Sheila Locke, Chief Executive at
Leicester City Council, has called a meeting this afternoon on the topic of
community cohesion. The meeting is in the CEO's Conference Room, seventh floor
of B Block in the City Council's New Walk Centre. This is the latest step in an
ongoing discussion, today moving on to consider the question, "What would
a Centre of Excellence for Community Cohesion Look Like?" Representatives
of the City Council, Federation of Muslim Organisations, Leicestershire
Constabulary, Policy Research Centre, Sikh Cultural and Welfare Society, St
Philip's Centre are also attending.
All of us here today have experience of
people coming from different parts of the country - from different parts of the
world - to find out how we do we do in Leicester. Some of them want to learn
how to make it work where they live; some of them think they can pull aside the
veil and be the one to expose some kind of chicanery at work underneath. I've
seen plenty of attempts at both sides in my time in this post. Leicester has a
positive reputation as a model, as a beacon for managing diversity. Can the
Leicester experience be bottled and marketed? Is the "centre of excellence
for community cohesion" the city itself, rather than some building to be
occupied or institution yet to be created? It's a short meeting, lasting
just an hour, by the end of which we've appointed a working group to address
some specific points:
- to scope something that looks like a model
- to include some research capacity
- to take stock of major themes
- to log work already being done
- to list conversations ongoing across the city
- to identify new conversations required in the city
- to decide what could be sustained locally (existing and new work)

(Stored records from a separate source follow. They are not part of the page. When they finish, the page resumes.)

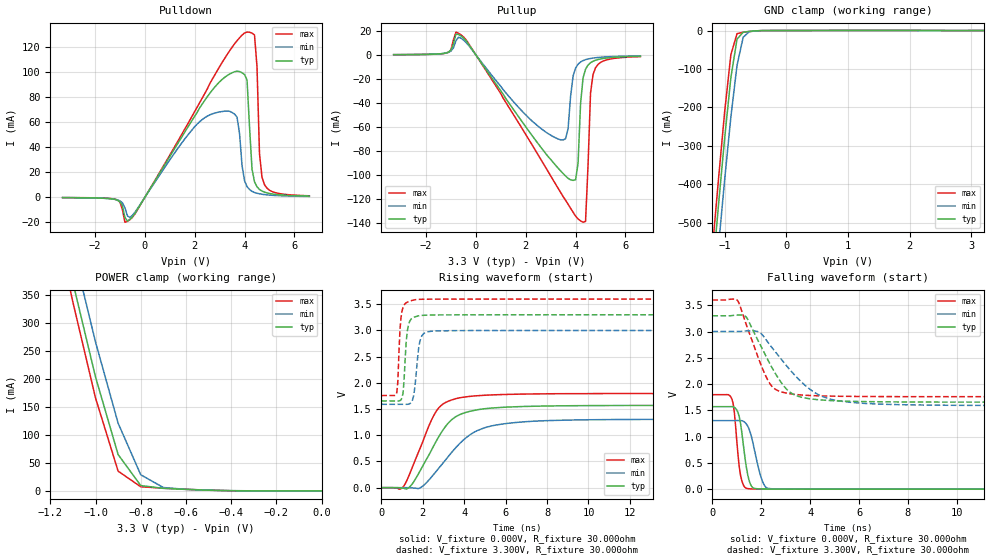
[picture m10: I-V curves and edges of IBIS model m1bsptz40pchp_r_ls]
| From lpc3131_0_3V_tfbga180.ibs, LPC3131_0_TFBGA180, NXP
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| |   Rev 0.20 IBIS Model Design Automation Generation   |
| |   N O N - S I L I C O N   C O R R E L A T E D   |
| |   This IBIS [Model] is pre-Beta tactical support   |
| |  Note: this IBIS [Model] contains clamp curves generated   |
| |   through simulation which should not be relied upon   |
| Date/Time   : 2010 Jan 25 (Mon) 11:58:19
| Pccmos090 jliolib_p50 2.0
|   0.9 um 3.3V pad library
|   seven level metal
|   dual oxide
|   dual threshold voltage
|   nominal line mixed supply
|   parasitic extracted netlists
| Process block a10
| mem1bsptz40pchp
|   Bidirectional Pad 3.3
|   3state Output
|   Plain Input
|   CMOS
|   Programmable between
|   - (p1=0, p2=1) plain input
|   - (p1=0, p2=0) with Pull Up
|   - (p1=1, p2=1) with Pull Down
|   - (p1=1, p2=0) with Repeater
| Repeater Mode low power(esh=1, p1=1, p2=0)
[Model]   m1bsptz40pchp_r_ls | of mem1bsptz40pchp
Model_type   I/O
Polarity   Non-Inverting
Enable   Active-Low
|  Reciever Thresholds
Vinl   = 0.99V
Vinh   = 2.31V
| AC Test Load Conditions
Vref   = 0
Cref   = 0
Rref   = 1000000000
Vmeas   = 1.65
| [Process Range]   typical   min   max
| C_comp edge width   400.000ps   400.000ps   400.000ps
| C_comp Tstrobe   40.000fs   40.000fs   40.000fs
C_comp   200.000pF   200.000pF   200.000pF
[Temperature Range]   25   125   -40
[Voltage Range]   3.30V   3.00V   3.60V
[GND Clamp Reference]   0.00V   0.00V   0.00V
[Pulldown Reference]   0.00V   0.00V   0.00V
[POWER Clamp Reference]   3.30V   3.00V   3.60V
[Pullup Reference]   3.30V   3.00V   3.60V
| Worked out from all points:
|   slope of the pulldown table from 0 to 0.495 V, typ, clamps not added: 30.9 ohm
|   slope of the pullup table from 0 to 0.495 V, typ, clamps not added: 33.4 ohm
|   GND clamp passes 1 mA (typ) near -0.51 V on its own axis
|   POWER clamp passes 1 mA (typ) near -0.47 V on its own axis
|   rising waveform, V_fixture 0.000V, R_fixture 30.000ohm: 20-80 % time 1.43ns typ, 1.87ns min, 1.15ns max; typ from 0 V to 1.57 V
|   falling waveform, V_fixture 0.000V, R_fixture 30.000ohm: 20-80 % time 280ps typ, 398ps min, 217ps max; typ from 1.57 V to 0 V
|   rising waveform, V_fixture 3.300V, R_fixture 30.000ohm: 20-80 % time 165ps typ, 222ps min, 139ps max; typ from 1.66 V to 3.3 V
|   falling waveform, V_fixture 3.300V, R_fixture 30.000ohm: 20-80 % time 1.17ns typ, 1.68ns min, 898ps max; typ from 3.3 V to 1.66 V
[GND Clamp]
| ref voltage   0.00V   0.00V   0.00V
|   Voltage   I(typ)   I(min)   I(max)
-3.3V     -4.732A    -4.814A    -4.684A
-1.2V     -636mA     -742.5mA   -569.7mA
-1.1V     -453.5mA   -561.8mA   -385.7mA
-1V       -279mA     -387.5mA   -210.8mA
-900mV    -122.8mA   -225.5mA   -63.13mA
-800mV    -22.45mA   -90.49mA   -8.204mA
-700mV    -4.394mA   -17.31mA   -4.534mA
-600mV    -2.163mA   -3.055mA   -2.529mA
-300mV    -78.17uA   -69.01uA   -98.11uA
3.2V      -17.82uA   34.39uA    -87.56uA
[Power Clamp]   | Vtable = Vcc - Vpad
| ref voltage   3.30V   3.00V   3.60V
|   Voltage   I(typ)   I(min)   I(max)
-3.3V     4.647A     4.675A     4.636A
-1.2V     553.3mA    610.4mA    520.8mA
-1.1V     373.2mA    433.6mA    337.9mA
-1V       204mA      266.6mA    166.4mA
-900mV    65.07mA    121.2mA    35.4mA
-800mV    9.632mA    28.93mA    7.456mA
-700mV    4.576mA    6.079mA    4.901mA
-600mV    2.711mA    2.826mA    2.897mA
-400mV    366.5uA    549.1uA    304.5uA
0V        388.1pA    9.875nA    264.4pA
[Pulldown]
| ref voltage   0.00V   0.00V   0.00V
|   Voltage   I(typ)   I(min)   I(max)
-3.3V     -236.7uA   -252.6uA   -192uA
-1.2V     -1.652mA   -1.556mA   -1.496mA
-600mV    -17.54mA   -16.01mA   -17.75mA
2.9V      89.88mA    67.56mA    100.6mA
3.7V      100.4mA    63.73mA    124.7mA
4.1V      93.46mA    8.514mA    131.5mA
4.3V      22.53mA    4.741mA    130.7mA
4.4V      12.45mA    3.859mA    129.3mA
4.5V      8.406mA    3.243mA    104mA
4.6V      6.249mA    2.791mA    34.96mA
4.8V      4.128mA    2.175mA    10.1mA
6.6V      975.1uA    710uA      1.222mA
[Pullup]   | Vtable = Vcc - Vpad
| ref voltage   3.30V   3.00V   3.60V
|   Voltage   I(typ)   I(min)   I(max)
-3.3V     206.8uA    209.1uA    174.1uA
-500mV    14.05mA    12.42mA    15mA
3.4V      -96.32mA   -70.52mA   -114.2mA
3.7V      -102.5mA   -61.11mA   -124.1mA
3.9V      -104.2mA   -17.59mA   -130.7mA
4.1V      -89.97mA   -7.665mA   -136.3mA
4.2V      -40.47mA   -5.865mA   -137.9mA
4.3V      -19.14mA   -4.724mA   -138.9mA
4.4V      -11.89mA   -3.942mA   -138.3mA
4.6V      -6.502mA   -2.948mA   -31.69mA
4.7V      -5.28mA    -2.614mA   -16.33mA
6.6V      -1.118mA   -810uA     -1.413mA
[Ramp]
R_load   = 30.000ohm
|   dV/dt(typ)   dV/dt(min)   dV/dt(max)
dV/dt_r   941.954mV/1.400ns   783.272mV/1.900ns   1.079V/1.150ns
dV/dt_f   986.681mV/1.150ns   845.135mV/1.700ns   1.104V/900.000ps
[Rising Waveform]  | cubic spline decimation from 501 points
V_fixture   = 0.000V
R_fixture   = 30.000ohm
|   Time   V(typ)   V(min)   V(max)
0s        3.993nV    181.6nV    2.818nV
950ps     -5.394mV   33.03uV    -20.12mV
1.35ns    8.653mV    -1.865mV   245.1mV
1.9ns     341.7mV    2.846mV    778.9mV
2.65ns    887.5mV    312mV      1.458V
3.2ns     1.218V     578.3mV    1.644V
3.8ns     1.397V     849.1mV    1.717V
5.05ns    1.509V     1.151V     1.765V
7.35ns    1.554V     1.269V     1.789V
25ns      1.57V      1.305V     1.798V
[Falling Waveform]  | cubic spline decimation from 501 points
V_fixture   = 0.000V
R_fixture   = 30.000ohm
|   Time   V(typ)   V(min)   V(max)
0s        1.57V      1.305V     1.798V
800ps     1.571V     1.305V     1.715V
900ps     1.557V     1.305V     1.459V
1.05ns    1.456V     1.306V     646.7mV
1.15ns    1.258V     1.306V     268.5mV
1.45ns    265.2mV    1.196V     10.51mV
1.65ns    29.88mV    899.7mV    4.358mV
2ns       4.319mV    214.4mV    2.011mV
2.35ns    2.284mV    10.47mV    802.6uV
25ns      18.42nV    233nV      24.45nV
[Rising Waveform]  | cubic spline decimation from 501 points
V_fixture   = 3.300V
V_fixture_min = 3.000V
V_fixture_max = 3.600V
R_fixture   = 30.000ohm
|   Time   V(typ)   V(min)   V(max)
0s        1.656V     1.591V     1.759V
750ps     1.655V     1.591V     1.818V
900ps     1.662V     1.591V     3.011V
1ns       1.712V     1.591V     3.372V
1.25ns    2.977V     1.591V     3.54V
1.5ns     3.239V     1.668V     3.576V
1.65ns    3.263V     2.038V     3.589V
1.9ns     3.286V     2.847V     3.596V
2.4ns     3.296V     2.985V     3.598V
25ns      3.3V       3V         3.6V
[Falling Waveform]  | cubic spline decimation from 501 points
V_fixture   = 3.300V
V_fixture_min = 3.000V
V_fixture_max = 3.600V
R_fixture   = 30.000ohm
|   Time   V(typ)   V(min)   V(max)
0s        3.3V       3V         3.6V
1ns       3.313V     3V         3.604V
1.35ns    3.291V     3.01V      3.183V
1.95ns    2.754V     2.976V     2.412V
2.35ns    2.389V     2.747V     2.011V
2.65ns    2.146V     2.571V     1.883V
3.2ns     1.837V     2.258V     1.814V
4.45ns    1.698V     1.773V     1.775V
6.2ns     1.667V     1.633V     1.764V
25ns      1.656V     1.591V     1.759V
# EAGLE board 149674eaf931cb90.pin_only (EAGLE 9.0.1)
REV: B

Size 68.58 x 53.34 mm. Coordinates in mm from the lower left corner, seen from the top.
Copper layers (1*16): Top 0.035mm / dielectric 1.5mm / Bottom 0.035mm
Design rules "adafruit *": minimum track width 8mil, minimum drill 15.5mil, track to track 8mil, track to pad 8mil, pad to pad 8mil, via to via 8mil, smd to smd 8mil, copper to edge 10mil, drill to drill 8mil, minimum pad ring 10mil, minimum via ring 8mil, stop-mask expansion 2mil, vias tented up to drill 20mil, thermal gap 10mil
Net classes: 1 power: width 0.305 mm

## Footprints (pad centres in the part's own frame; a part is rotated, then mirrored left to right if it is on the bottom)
SOLDERJUMPER_ARROW_NOPASTE = smd 0.762 x 1.524: 1 -1.016,0; 2 1.016,0
1X06_ROUND = drill 1 pad 1.676: 1 -6.35,0; 2 -3.81,0; 3 -1.27,0; 4 1.27,0; 5 3.81,0; 6 6.35,0
EVQ-Q2_SMALLER = smd 2 x 1.2: A -3.1,-2; A' 3.1,-2; B -3.1,2; B' 3.1,2
0805-NO = smd 1.24 x 1.5: 1 -0.95,0; 2 0.95,0
1X08_ROUND = drill 1 pad 1.676: 1 -8.89,0; 2 -6.35,0; 3 -3.81,0; 4 -1.27,0; 5 1.27,0; 6 3.81,0; 7 6.35,0; 8 8.89,0
FIDUCIAL_1MM = smd 1 x 1: 1 0,0
QFN24_4MM = smd 0.8 x 0.28: 1 -2,1.25; 2 -2,0.75; 3 -2,0.25; 4 -2,-0.25; 5 -2,-0.75; 6 -2,-1.25; 13 2,-1.25; 14 2,-0.75; 15 2,-0.25; 16 2,0.25; 17 2,0.75; 18 2,1.25 | smd 0.28 x 0.8: 7 -1.25,-2; 8 -0.75,-2; 9 -0.25,-2; 10 0.25,-2; 11 0.75,-2; 12 1.25,-2; 19 1.25,2; 20 0.75,2; 21 0.25,2; 22 -0.25,2; 23 -0.75,2; 24 -1.25,2 | smd 1.778 x 1.778: THERM 0,0
SOT23-5L = smd 0.55 x 1.2: 1 -0.95,-1.3; 2 0,-1.3; 3 0.95,-1.3; 4 0.95,1.3; 5 -0.95,1.3
1X10_ROUND = drill 1 pad 1.676: 1 -11.43,0; 2 -8.89,0; 3 -6.35,0; 4 -3.81,0; 5 -1.27,0; 6 1.27,0; 7 3.81,0; 8 6.35,0; 9 8.89,0; 10 11.43,0
ARDUINOR3_ICSP = drill 1 pad 1.676 octagon: 3V 35.56,2.54; 5V 38.1,2.54; A0 50.8,2.54; A1 53.34,2.54; A2 55.88,2.54; A3 58.42,2.54; A4 60.96,2.54; A5 63.5,2.54; AREF 23.876,50.8; D0 63.5,50.8; D1 60.96,50.8; D2 58.42,50.8; D3 55.88,50.8; D4 53.34,50.8; D5 50.8,50.8; D6 48.26,50.8; D7 45.72,50.8; D8 41.656,50.8; D9 39.116,50.8; D10 36.576,50.8; D11 34.036,50.8; D12 31.496,50.8; D13 28.956,50.8; GND 26.416,50.8; GND@1 43.18,2.54; GND@2 40.64,2.54; IOREF 30.48,2.54; RESERVED 27.94,2.54; RESET 33.02,2.54; SCL 18.796,50.8; SDA 21.336,50.8; VIN 45.72,2.54 | drill 1 pad 1.778 octagon: 5V_ICSP 66.167,30.48; GND@3 66.167,25.4; MOSI 66.167,27.94; RESET_ICSP 63.627,25.4; SCK 63.627,27.94 | drill 1 pad 1.778 square: MISO 63.627,30.48
SOT23-WIDE = smd 1 x 1.2: 1 -0.95,-1; 2 0.95,-1; 3 0,1
SOT363 = smd 0.5 x 0.5: 1 -0.75,-0.9; 3 0.75,-0.9; 4 0.75,0.9; 6 -0.75,0.9 | smd 0.4 x 0.5: 2 0,-0.9; 5 0,0.9
RESPACK_4X0603_NO = smd 0.45 x 0.9: 1 -1.3,-0.85; 2 -0.4,-0.85; 3 0.4,-0.85; 4 1.3,-0.85; 5 1.3,0.85; 6 0.4,0.85; 7 -0.4,0.85; 8 -1.3,0.85
SKQUBAE010 = smd 1.5 x 1.4: 1 -5.2,3.25; 2 -5.2,-0.45; 3 -5.2,-3.25; 4 5.2,-3.25; 5 5.2,-0.45; 6 5.2,3.25
TESTPOINT_ROUND_2MM = smd 2 x 2: P$1 0,0
TSSOP16 = smd 0.305 x 0.991: 1 -2.275,-2.918; 2 -1.625,-2.918; 3 -0.975,-2.918; 4 -0.325,-2.918; 5 0.325,-2.918; 6 0.975,-2.918; 7 1.625,-2.918; 8 2.275,-2.918; 9 2.275,2.918; 10 1.625,2.918; 11 0.975,2.918; 12 0.325,2.918; 13 -0.325,2.918; 14 -0.975,2.918; 15 -1.625,2.918; 16 -2.275,2.918
JD-T1800 = smd 0.5 x 2: 1 5.2,-13.1; 2 4.4,-13.1; 3 3.6,-13.1; 4 2.8,-13.1; 5 2,-13.1; 6 1.2,-13.1; 7 0.4,-13.1; 8 -0.4,-13.1; 9 -1.2,-13.1; 10 -2,-13.1; 11 -2.8,-13.1; 12 -3.6,-13.1; 13 -4.4,-13.1; 14 -5.2,-13.1 | hole 0.6: -12.8,-16.9; 7.65,-16.9
MICROSD = smd 0.7 x 1.5: 1 9,-10.64; 2 7.9,-10.24; 3 6.8,-10.64; 4 5.7,-11.04; 5 4.6,-10.64; 6 3.5,-11.04; 7 2.4,-10.64; 8 1.3,-10.64 | smd 1.8 x 1.4: CD1 2,-0.44; CD2 8,-0.44 | smd 1.4 x 1.9: MT1 0.4,-13.54; MT2 13.6,-14.44

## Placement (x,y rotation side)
AD0  [SOLDERJUMPER_ARROW_NOPASTE]  62.1,36.96 0 bottom
AD1  [SOLDERJUMPER_ARROW_NOPASTE]  62.1,39.88 0 bottom
ANALOGS  [1X06_ROUND]  57.15,5.84 180 top
BTN1  EVQQ  [EVQ-Q2_SMALLER]  3.81,5.08 90 top
BTN2  EVQQ  [EVQ-Q2_SMALLER]  12.7,5.08 90 top
BTN3  EVQQ  [EVQ-Q2_SMALLER]  21.59,5.08 90 top
C1  10uF  [0805-NO]  39.37,8.89 0 top
C2  10uF  [0805-NO]  32.26,8.89 90 top
C3  0.1uF  [0805-NO]  49.28,12.19 180 top
C4  0.1uF  [0805-NO]  30.23,8.89 90 top
DIGITALS  [1X08_ROUND]  54.61,46.99 0 top
DIGITALS1  [1X08_ROUND]  36.83,5.84 180 top
FID1  FIDUCIAL_1MM  [FIDUCIAL_1MM]  3.17,43.31 0 top
FID3  FIDUCIAL_1MM  [FIDUCIAL_1MM]  43.56,15.49 0 top
IC1  ATSAMD09D14A-MU  [QFN24_4MM]  60.45,38.35 90 top
IC2  AP2112K-3.3  [SOT23-5L]  35.56,8.89 90 top
JP1  [1X10_ROUND]  30.23,46.99 0 top
M1  ARDUINO_R3_ICSP  [ARDUINOR3_ICSP]  0,0 0 top
Q2  BSS138  [SOT23-WIDE]  49.15,17.78 0 top
Q3  BSS138  [SOT363]  63.12,43.94 90 top
R1  22 ohm  [0805-NO]  49.15,21.08 0 top
R2  10K  [0805-NO]  48.39,43.94 180 top
R5  1K  [0805-NO]  55.5,36.32 270 top
R8  10K  [RESPACK_4X0603_NO]  56.77,43.18 180 top
R9  10K  [0805-NO]  49.28,14.73 0 top
RESET  EVQQ  [EVQ-Q2_SMALLER]  5.84,49.15 180 top
SW1  NAVSWITCHSKQUABAUE010  [SKQUBAE010]  53.72,29.21 0 top
TP1  [TESTPOINT_ROUND_2MM]  55.37,39.37 0 bottom
TP2  [TESTPOINT_ROUND_2MM]  55.37,36.07 0 bottom
U1  74HC4050  [TSSOP16]  50.55,40.13 270 top
U$1  DISP_LCD_JDT1800  [JD-T1800]  23.24,28.07 90 top
U$3  MICROSD  [MICROSD]  51.82,8.38 90 top
U$5  [ADAFRUIT_TEXT_30MM]  40.39,31.5 0 bottom
U$7  [ADAFRUIT_5MM]  11.56,46.99 0 top
U$8  [SEESAW_LOGO]  31.5,27.43 0 bottom
U$9  [PCBFEAT-REV-040]  49.28,7.87 0 top

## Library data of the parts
AD0 AD1 FID1 FID3 = microbuilder; BOM: EXCLUDE
ANALOGS BTN1-BTN3 C1-C4 DIGITALS DIGITALS1 IC1 JP1 Q2 Q3 R1 R2 R5 R8 R9 RESET SW1 TP1 TP2 U1 U$1 U$5 U$7 U$9 = microbuilder
IC2 M1 U$3 = adafruit
U$8 = silks

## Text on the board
tPlace: Reset | A | B | C | 1.8" TFT / Shield
bPlace: DC | TCS | CCS | AD1 | AD0 | Adafruit 1.8" TFT Shield / with MicroSD Card / 5-Way Nav + 3 Buttons | buttons/nav and backlight controlled by seesaw

- to pick out stuff that we think we should just have a go at
- to see what we can market nationally and/or internationally
- to propose where we could introduce some innovation
This working group (of Dilwar Hussain,
Jasbir Mann, Riaz Ravat, Resham Singh Sandhu and me) will meet in a week's
time at St Philip's Centre. The bigger group will meet again in a month or so,
which would allow this topic to be introduced into the autumn political cycle.